MENOPAUSE MAYHEM | Men in drag tackle the classic TV character from ‘The Golden Girls’ in a show almost too racy to produce. (Photo by Mike Morgan)

Director B.J. Cleveland goes from kids to kink with trashy parody

ARNOLD WAYNE JONES  | Life+Style Editor
jones@dallasvoice.com
B.J. Cleveland is gay, and in the theater, so spending every waking hour at Station 4 for the past week shouldn’t seem out of the ordinary. Only he’s having a different kind of fun from what you might expect.
“Very, very odd to be in a bar that’s deserted — it’s like being a kid in a candy store with no money,” he says with a wink. “It’s an empty bar but fully stocked, and you can’t touch a thing.”
By night for the past three weeks, Cleveland has met his cast and crew in the off-hours of the Rose Room, readying the latest camp spectacle from Uptown Players, Thank You for Being a Friend. Like the company’s two past shows in the same space — The Facts of Life: The Lost Episode and Mommie Queerest — it’s a parody of a gay fave, performed by men in drag: The Golden Girls.
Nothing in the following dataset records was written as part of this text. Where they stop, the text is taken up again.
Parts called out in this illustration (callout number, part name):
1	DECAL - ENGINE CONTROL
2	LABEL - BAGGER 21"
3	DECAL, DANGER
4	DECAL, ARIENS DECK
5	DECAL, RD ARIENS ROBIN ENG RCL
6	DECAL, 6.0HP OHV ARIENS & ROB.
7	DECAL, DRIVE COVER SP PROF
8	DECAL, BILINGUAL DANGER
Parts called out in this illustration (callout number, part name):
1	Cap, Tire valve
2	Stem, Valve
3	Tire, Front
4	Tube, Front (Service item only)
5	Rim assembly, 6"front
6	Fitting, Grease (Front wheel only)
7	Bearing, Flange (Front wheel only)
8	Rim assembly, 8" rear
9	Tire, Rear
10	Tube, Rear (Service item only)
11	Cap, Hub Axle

Because it’s an unofficial send-up of the classic sitcom, the names have been tweaked: Rose becomes Roz, Sophia becomes Sophie, etc. But, Cleveland insists, you’ll recognize all the characters and set-ups from the series.
“It takes place in the kitchen just like on the show, until the end where it moves to Shady Pines retirement center where the girls compete against Lance Bass to win a talent contest,” Cleveland says. “It’s basically a goofy 90-minute episode: Lance Bass has moved in next door and is having wild gay orgies. The girls take him a basket of dusty muffins to convince him to keep the noise down,” but things escalate.
Uh-huh.
You won’t just recognize the Golden moments, either — this is a musical, with some original songs and alterations of Broadway standards: There’s some Dreamgirls, Chicago, Gypsy and 9 to 5 thrown in for good measure — even a spoof of Madonna’s “Vogue” video. And all played by men in dresses.
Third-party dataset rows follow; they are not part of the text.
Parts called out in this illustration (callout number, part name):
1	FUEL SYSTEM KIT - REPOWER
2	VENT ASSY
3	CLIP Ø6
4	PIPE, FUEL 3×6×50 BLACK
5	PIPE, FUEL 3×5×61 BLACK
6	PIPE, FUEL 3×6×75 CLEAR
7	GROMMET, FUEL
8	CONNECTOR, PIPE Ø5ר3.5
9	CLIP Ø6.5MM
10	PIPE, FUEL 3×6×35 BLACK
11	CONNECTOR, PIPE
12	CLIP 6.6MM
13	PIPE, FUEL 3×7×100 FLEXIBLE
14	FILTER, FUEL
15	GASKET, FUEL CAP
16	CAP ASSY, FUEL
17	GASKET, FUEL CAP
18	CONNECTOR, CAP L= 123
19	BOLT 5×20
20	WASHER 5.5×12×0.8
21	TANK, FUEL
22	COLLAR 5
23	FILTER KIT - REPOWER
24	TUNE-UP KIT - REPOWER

Cleveland almost didn’t do the show. He was asked by producers Jeff Rane and Craig Lynch to read the original script and offer his insights.
“It was a lot raunchier,” he says. “It went just a little too far over the line, and some stuff that really would not work,” especially in a space where TABC has strict rules about what can happen in the presence of alcohol. But a few rewrites later, Cleveland had signed on.
It’s a far cry from his current day job. In addition to his teaching gig, Cleveland is huffing and puffing his way through a Three Little Pigs play at the Dallas Children’s Theater; when he’s done there, he high-tails it to Cedar Springs and the nastiest old ladies this side of Wasilla.
“It’s a chance to blow off steam and be show-trash,” he says. “It’s like uncorking the cheap champagne at night after the children have gone to bed. This is definitely a have-a-cocktail, come-see-a-show-in-a-different-environment theater. The show doesn’t end when the curtain comes down. You’re still at a bar.”
And maybe when the show opens, he’ll get that drink after all.
This article appeared in the Dallas Voice print edition Feb. 11, 2011.